Quai’s horse startled at the flames and reared up, snorting. The skinny man stumbled back with a gasp and Logen leaped at him, grabbed the shaft of the spear with one hand and butted him in the face. His nose crunched against Logen’s forehead and he staggered away with blood streaming down his chin. Logen jerked him back with the spear, swung his right arm round in a wide arc and punched him in the neck. He went down with a gurgle and Logen tore the spear from his hands.
He felt movement behind him and dropped to the ground, rolling away to his left. The axe whistled through the air above his head and cut a long slash in the horse’s side, spattering drops of blood across the ground and ripping the buckle on the saddle girth open. Boil-face tottered away, spinning around after his axe. Logen sprang at him but his ankle twisted on a stone and he tottered like a drunkard, yelping at the pain. An arrow hummed past his face from somewhere in the trees behind and was lost in the bushes on the other side of the road. The horse snorted and kicked, eyes rolling madly, then took off down the road at a crazy gallop. Malacus Quai wailed as the saddle slid off its back and he was flung into the bushes.

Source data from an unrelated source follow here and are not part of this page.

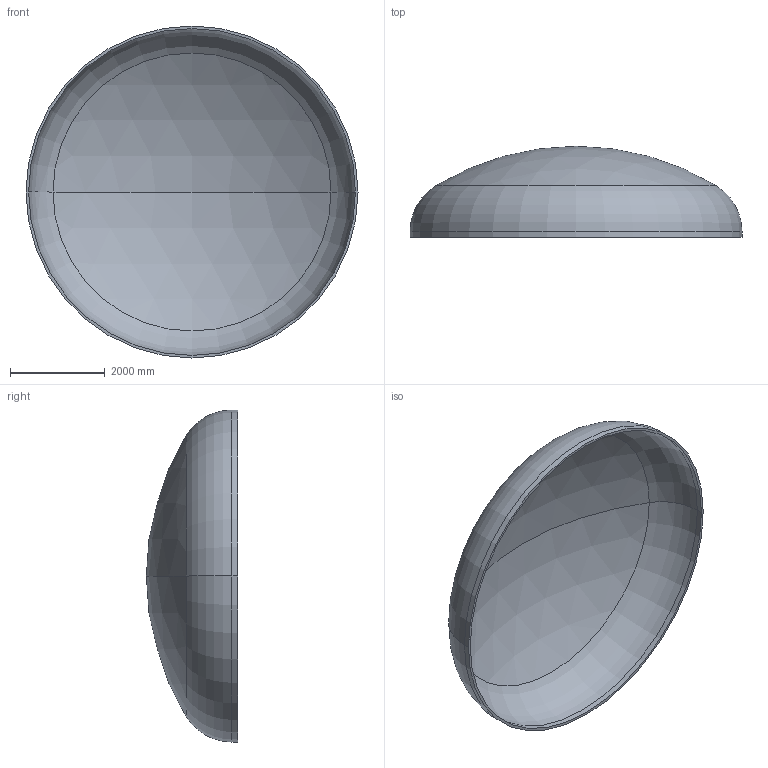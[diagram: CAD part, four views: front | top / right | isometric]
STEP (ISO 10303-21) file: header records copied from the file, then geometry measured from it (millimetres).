
FILE_DESCRIPTION (( 'STEP AP203' ), '1' );
FILE_NAME ('DIN 28013 Korbbogenform_-_Boden DIN 28013 - 7000 x 120 - I - s=54.step', '2016-07-04T10:48:11', ( '' ), ( '' ), 'SwSTEP 2.0', 'SolidWorks 2013', '' );
FILE_SCHEMA (( 'CONFIG_CONTROL_DESIGN' ));
Length unit declared in the file: millimetre
Products named in the file (1): DIN 28013 Korbbogenform_-_Boden DIN 28013 - 7000 x 120 - I - s=54
Bounding box: 7000 x 1922.71 x 7000 mm (x, y, z)
Volume: 2991474960.8 mm3; surface area: 111979794.3 mm2
Topology: 1 solids, 1 shells, 13 faces, 24 edges, 14 vertices
Faces by surface type: torus 4, cylinder 4, sphere 4, plane 1
Entity records: 407 total; most frequent: DIRECTION 72, CARTESIAN_POINT 52, ORIENTED_EDGE 48, AXIS2_PLACEMENT_3D 34, EDGE_CURVE 24, CIRCLE 20, VERTEX_POINT 14, EDGE_LOOP 14

There was no time to think about him. Logen charged at the axe-man with a roar, aiming the spear at his heart. He brought his axe up in time to nudge the point away, but not far enough. The spear spitted him through the shoulder, spun him round. There was a sharp crack as the shaft snapped, Logen lost his balance and pitched forward, bearing Boil-face down into the road. The spear-point sticking out of his back cut a deep gash into Logen’s scalp as he fell on top of him. Logen seized hold of the axe-man’s matted hair with both hands, pulled his head back and mashed his face into a rock.
He lurched to his feet, head spinning, wiping blood out of his eyes just in time to see an arrow zip out of the trees and thud into a trunk a stride or two away. Logen hurtled at the archer. He saw him now, a boy no more than fourteen, reaching for another arrow. Logen pulled out his knife. The boy was nocking the arrow to his bow, but his eyes were wide with panic. He fumbled the string and drove the arrow through his hand, looking greatly surprised.